_EXERCISE AIM:_ Within the records, say how many lines include the word "dimtdec"; the answer should be the number and no more.

─── INFORMATION PROVIDED

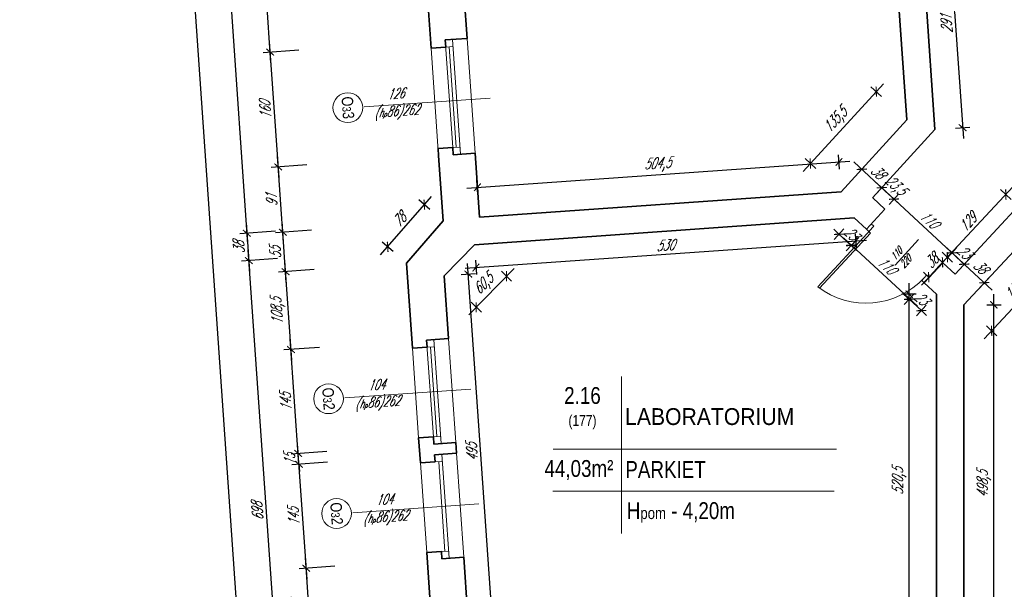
# Model space of a CAD drawing. Header units: millimetres. Extents: x 402 to 79005, y -7782 to 89952.
# Tile 83 of 256: x 21522 to 22892, y 21365 to 22157. Entities that reach past the tile are written whole.
import ezdxf

# ---------------------------------------------------------------- set-up
doc = ezdxf.new("R2010")
doc.units = ezdxf.units.MM
doc.header["$LTSCALE"] = 10
doc.layers.get('0').update_dxf_attribs({"lineweight": 0})
doc.layers.get('Defpoints').update_dxf_attribs({"color": 253})
for name, color, linetype, lineweight in [('01 parter - ściany', 253, 'Continuous', 35), ('03-01_okna', 253, 'Continuous', 15), ('03_drzwi', 253, 'Continuous', 15), ('04-1_widok', 253, 'Continuous', 5), ('05-01_wymiary', 253, 'Continuous', 5), ('05-03_opis', 253, 'Continuous', 5)]:
    doc.layers.add(name, color=color, linetype=linetype, lineweight=lineweight)
doc.styles.add('ariel', font='ARIAL.TTF', dxfattribs={"width": 0.8})
doc.styles.add('ariel_wym', font='simplex.shx', dxfattribs={"width": 0.65, "oblique": 25})
doc.dimstyles.new('ariel 50', dxfattribs={"dimtxt": 15, "dimasz": 10, "dimexe": 10, "dimexo": 0, "dimgap": 5, "dimtad": 1, "dimdec": 1, "dimrnd": 0.5, "dimtxsty": 'ariel_wym', "dimblk": 'ARCHTICK', "dimcen": 2.5, "dimdle": 15, "dimazin": 0, "dimtfac": 1, "dimtdec": 1, "dimtix": 1, "dimtmove": 0, "dimatfit": 3, "dimldrblk": 'DOT', "dimfxl": 0, "dimarcsym": 0})
doc.dimstyles.new('ariel 50 wnętrze', dxfattribs={"dimtxt": 15, "dimasz": 10, "dimexe": 10, "dimexo": 0, "dimgap": 5, "dimtad": 1, "dimdec": 1, "dimrnd": 0.5, "dimtxsty": 'ariel_wym', "dimblk": 'ARCHTICK', "dimcen": 2.5, "dimdle": 15, "dimazin": 0, "dimtfac": 1, "dimtdec": 1, "dimtix": 1, "dimtmove": 0, "dimatfit": 3, "dimldrblk": 'DOT', "dimfxl": 0, "dimarcsym": 0})

# ---------------------------------------------------------------- blocks, each defined once
blk = doc.blocks.new('_ArchTick')
at = {"color": 0, "linetype": 'ByBlock', "const_width": 0.15}
blk.add_lwpolyline([(-0.5, -0.5), (0.5, 0.5)], dxfattribs=at)
blk = doc.blocks.new('*D2524')
at = {"layer": '05-01_wymiary', "color": 0, "lineweight": -2}
for p, q in [((22877.9, 21246.7), (22877.9, 21775.4)), ((22867.9, 21760.4), (22887.9, 21760.4)), ((22867.9, 21261.7), (22887.9, 21261.7))]:
    blk.add_line(p, q, dxfattribs=at)
at = {"layer": 'Defpoints', "color": 0}
for p in [(22836, 21760.4), (22877.9, 21760.4), (22836, 21261.7)]:
    blk.add_point(p, dxfattribs=at)
at = {"layer": '05-01_wymiary', "color": 0, "lineweight": -2, "xscale": 10, "yscale": 10, "zscale": 10}
for p, rotation in [((22877.9, 21760.4), 90), ((22877.9, 21261.7), 270)]:
    blk.add_blockref('_ArchTick', p, dxfattribs=dict(at, rotation=rotation))
at = {"layer": '05-01_wymiary', "color": 0, "insert": (22864, 21511), "char_height": 15, "attachment_point": 5, "rotation": 90, "style": 'ariel_wym'}
blk.add_mtext('498,5', dxfattribs=at)
blk = doc.blocks.new('_Dot')
at = {"color": 0, "linetype": 'ByBlock', "lineweight": -2}
blk.add_line((-0.5, 0), (-1, 0), dxfattribs=at)
at = {"color": 0, "linetype": 'ByBlock', "const_width": 0.5}
blk.add_lwpolyline([(-0.25, 0, 1), (0.25, 0, 1)], format="xyb", close=True, dxfattribs=at)
blk = doc.blocks.new('*D2534')
at = {"layer": '05-01_wymiary', "color": 0, "lineweight": -2}
for p, q in [((22977.4, 21834.6), (22864.5, 21713.4)), ((22959.9, 21830.4), (22974.5, 21816.8)), ((22867.4, 21731.1), (22882, 21717.5))]:
    blk.add_line(p, q, dxfattribs=at)
at = {"layer": 'Defpoints', "color": 0}
for p in [(22928.5, 21859.7), (22836, 21760.4), (22874.7, 21724.3)]:
    blk.add_point(p, dxfattribs=at)
at = {"layer": '05-01_wymiary', "color": 0, "lineweight": -2, "xscale": 10, "yscale": 10, "zscale": 10}
for p, rotation in [((22967.2, 21823.6), 47.035505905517), ((22874.7, 21724.3), 227.035505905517)]:
    blk.add_blockref('_ArchTick', p, dxfattribs=dict(at, rotation=rotation))
at = {"layer": '05-01_wymiary', "color": 0, "insert": (22910.8, 21783.5), "char_height": 15, "attachment_point": 5, "rotation": 47.0355, "style": 'ariel_wym'}
blk.add_mtext('135,5', dxfattribs=at)
blk = doc.blocks.new('*D2535')
at = {"layer": '05-01_wymiary', "color": 0, "lineweight": -2}
for p, q in [((22759.9, 21239.7), (22759.9, 21790.4)), ((22769.9, 21775.4), (22749.9, 21775.4)), ((22769.9, 21254.7), (22749.9, 21254.7))]:
    blk.add_line(p, q, dxfattribs=at)
at = {"layer": 'Defpoints', "color": 0}
for p in [(22759.9, 21775.4), (22798, 21775.4), (22798, 21254.7)]:
    blk.add_point(p, dxfattribs=at)
at = {"layer": '05-01_wymiary', "color": 0, "lineweight": -2, "xscale": 10, "yscale": 10, "zscale": 10}
for p, rotation in [((22759.9, 21775.4), 90), ((22759.9, 21254.7), 270)]:
    blk.add_blockref('_ArchTick', p, dxfattribs=dict(at, rotation=rotation))
at = {"layer": '05-01_wymiary', "color": 0, "insert": (22746, 21515), "char_height": 15, "attachment_point": 5, "rotation": 90, "style": 'ariel_wym'}
blk.add_mtext('520,5', dxfattribs=at)
blk = doc.blocks.new('*D1871')
at = {"layer": '05-01_wymiary', "color": 0, "lineweight": -2}
for p, q in [((21930.2, 21256), (21919.5, 21409.1)), ((21960.4, 21396.9), (21910.6, 21393.4)), ((21969.1, 21273.8), (21919.2, 21270.3))]:
    blk.add_line(p, q, dxfattribs=at)
at = {"layer": 'Defpoints', "color": 0}
for p in [(22139.8, 21409.4), (21920.5, 21394.1), (22097.5, 21282.8)]:
    blk.add_point(p, dxfattribs=at)
at = {"layer": '05-01_wymiary', "color": 0, "lineweight": -2, "xscale": 10, "yscale": 10, "zscale": 10}
for p, rotation in [((21920.5, 21394.1), 94.00000000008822), ((21929.2, 21271), 274.0000000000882)]:
    blk.add_blockref('_ArchTick', p, dxfattribs=dict(at, rotation=rotation))
at = {"layer": '05-01_wymiary', "color": 0, "insert": (21911, 21331.6), "char_height": 15, "attachment_point": 5, "rotation": 94, "style": 'ariel_wym'}
blk.add_mtext('123,5', dxfattribs=at)
blk = doc.blocks.new('*D1872')
at = {"layer": '05-01_wymiary', "color": 0, "lineweight": -2}
for p, q in [((21921.6, 21379.1), (21909.4, 21553.7)), ((21950.3, 21541.5), (21900.5, 21538)), ((21960.4, 21396.9), (21910.6, 21393.4))]:
    blk.add_line(p, q, dxfattribs=at)
at = {"layer": 'Defpoints', "color": 0}
for p in [(22129.6, 21554.1), (21910.4, 21538.7), (22139.8, 21409.4)]:
    blk.add_point(p, dxfattribs=at)
at = {"layer": '05-01_wymiary', "color": 0, "lineweight": -2, "xscale": 10, "yscale": 10, "zscale": 10}
for p, rotation in [((21910.4, 21538.7), 94.0000000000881), ((21920.5, 21394.1), 274.0000000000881)]:
    blk.add_blockref('_ArchTick', p, dxfattribs=dict(at, rotation=rotation))
at = {"layer": '05-01_wymiary', "color": 0, "insert": (21903, 21465.5), "char_height": 15, "attachment_point": 5, "rotation": 94, "style": 'ariel_wym'}
blk.add_mtext('145', dxfattribs=at)
blk = doc.blocks.new('*D1873')
at = {"layer": '05-01_wymiary', "color": 0, "lineweight": -2}
for p, q in [((21909.4, 21553.7), (21908.7, 21563.7)), ((21949.3, 21556.5), (21899.4, 21553)), ((21910.4, 21538.7), (21909.4, 21553.7)), ((21950.3, 21541.5), (21900.5, 21538)), ((21910.4, 21538.7), (21911.1, 21528.8))]:
    blk.add_line(p, q, dxfattribs=at)
at = {"layer": 'Defpoints', "color": 0}
for p in [(22128.6, 21569), (21909.4, 21553.7), (22129.6, 21554.1)]:
    blk.add_point(p, dxfattribs=at)
at = {"layer": '05-01_wymiary', "color": 0, "lineweight": -2, "xscale": 10, "yscale": 10, "zscale": 10}
for p, rotation in [((21909.4, 21553.7), 274.0000000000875), ((21910.4, 21538.7), 94.0000000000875)]:
    blk.add_blockref('_ArchTick', p, dxfattribs=dict(at, rotation=rotation))
at = {"layer": '05-01_wymiary', "color": 0, "insert": (21897.4, 21545.3), "char_height": 15, "attachment_point": 5, "rotation": 94, "style": 'ariel_wym'}
blk.add_mtext('15', dxfattribs=at)
blk = doc.blocks.new('*D1874')
at = {"layer": '05-01_wymiary', "color": 0, "lineweight": -2}
for p, q in [((21939.2, 21701.1), (21889.3, 21697.7)), ((21910.4, 21538.7), (21898.2, 21713.3)), ((21949.3, 21556.5), (21899.4, 21553))]:
    blk.add_line(p, q, dxfattribs=at)
at = {"layer": 'Defpoints', "color": 0}
for p in [(22118.5, 21713.7), (21899.3, 21698.3), (22128.6, 21569)]:
    blk.add_point(p, dxfattribs=at)
at = {"layer": '05-01_wymiary', "color": 0, "lineweight": -2, "xscale": 10, "yscale": 10, "zscale": 10}
for p, rotation in [((21899.3, 21698.3), 94.000000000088), ((21909.4, 21553.7), 274.000000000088)]:
    blk.add_blockref('_ArchTick', p, dxfattribs=dict(at, rotation=rotation))
at = {"layer": '05-01_wymiary', "color": 0, "insert": (21891.9, 21625.2), "char_height": 15, "attachment_point": 5, "rotation": 94, "style": 'ariel_wym'}
blk.add_mtext('145', dxfattribs=at)
blk = doc.blocks.new('*D1875')
at = {"layer": '05-01_wymiary', "color": 0, "lineweight": -2}
for p, q in [((21900.3, 21683.4), (21890.7, 21821.6)), ((21931.6, 21809.4), (21881.7, 21805.9)), ((21939.2, 21701.1), (21889.3, 21697.7))]:
    blk.add_line(p, q, dxfattribs=at)
at = {"layer": 'Defpoints', "color": 0}
for p in [(22060, 21818.4), (21891.7, 21806.6), (22118.5, 21713.7)]:
    blk.add_point(p, dxfattribs=at)
at = {"layer": '05-01_wymiary', "color": 0, "lineweight": -2, "xscale": 10, "yscale": 10, "zscale": 10}
for p, rotation in [((21891.7, 21806.6), 94.0000000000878), ((21899.3, 21698.3), 274.0000000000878)]:
    blk.add_blockref('_ArchTick', p, dxfattribs=dict(at, rotation=rotation))
at = {"layer": '05-01_wymiary', "color": 0, "insert": (21881.6, 21751.5), "char_height": 15, "attachment_point": 5, "rotation": 94, "style": 'ariel_wym'}
blk.add_mtext('108,5', dxfattribs=at)
blk = doc.blocks.new('*D1876')
at = {"layer": '05-01_wymiary', "color": 0, "lineweight": -2}
for p, q in [((21892.7, 21791.7), (21886.8, 21876.4)), ((21927.8, 21864.3), (21877.9, 21860.8)), ((21931.6, 21809.4), (21881.7, 21805.9))]:
    blk.add_line(p, q, dxfattribs=at)
at = {"layer": 'Defpoints', "color": 0}
for p in [(22111.1, 21877.1), (21887.9, 21861.5), (22060, 21818.4)]:
    blk.add_point(p, dxfattribs=at)
at = {"layer": '05-01_wymiary', "color": 0, "lineweight": -2, "xscale": 10, "yscale": 10, "zscale": 10}
for p, rotation in [((21887.9, 21861.5), 94.00000000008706), ((21891.7, 21806.6), 274.0000000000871)]:
    blk.add_blockref('_ArchTick', p, dxfattribs=dict(at, rotation=rotation))
at = {"layer": '05-01_wymiary', "color": 0, "insert": (21877.3, 21833.2), "char_height": 15, "attachment_point": 5, "rotation": 94, "style": 'ariel_wym'}
blk.add_mtext('55', dxfattribs=at)
blk = doc.blocks.new('*D1877')
at = {"layer": '05-01_wymiary', "color": 0, "lineweight": -2}
for p, q in [((21888.9, 21846.5), (21880.5, 21967.2)), ((21921.4, 21955.1), (21871.5, 21951.6)), ((21927.8, 21864.3), (21877.9, 21860.8))]:
    blk.add_line(p, q, dxfattribs=at)
at = {"layer": 'Defpoints', "color": 0}
for p in [(22155.6, 21971.4), (21881.5, 21952.3), (22111.1, 21877.1)]:
    blk.add_point(p, dxfattribs=at)
at = {"layer": '05-01_wymiary', "color": 0, "lineweight": -2, "xscale": 10, "yscale": 10, "zscale": 10}
for p, rotation in [((21881.5, 21952.3), 94.00000000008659), ((21887.9, 21861.5), 274.0000000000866)]:
    blk.add_blockref('_ArchTick', p, dxfattribs=dict(at, rotation=rotation))
at = {"layer": '05-01_wymiary', "color": 0, "insert": (21872.2, 21906), "char_height": 15, "attachment_point": 5, "rotation": 94, "style": 'ariel_wym'}
blk.add_mtext('91', dxfattribs=at)
blk = doc.blocks.new('*D1878')
at = {"layer": '05-01_wymiary', "color": 0, "lineweight": -2}
for p, q in [((21882.6, 21937.3), (21869.3, 22126.8)), ((21910.3, 22114.7), (21860.4, 22111.2)), ((21921.4, 21955.1), (21871.5, 21951.6))]:
    blk.add_line(p, q, dxfattribs=at)
at = {"layer": 'Defpoints', "color": 0}
for p in [(22144.4, 22131), (21870.4, 22111.9), (22155.6, 21971.4)]:
    blk.add_point(p, dxfattribs=at)
at = {"layer": '05-01_wymiary', "color": 0, "lineweight": -2, "xscale": 10, "yscale": 10, "zscale": 10}
for p, rotation in [((21870.4, 22111.9), 94.00000000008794), ((21881.5, 21952.3), 274.0000000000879)]:
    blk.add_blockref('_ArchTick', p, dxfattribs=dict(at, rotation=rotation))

──────

_SOLUTION FOR THIS TASK:_ 2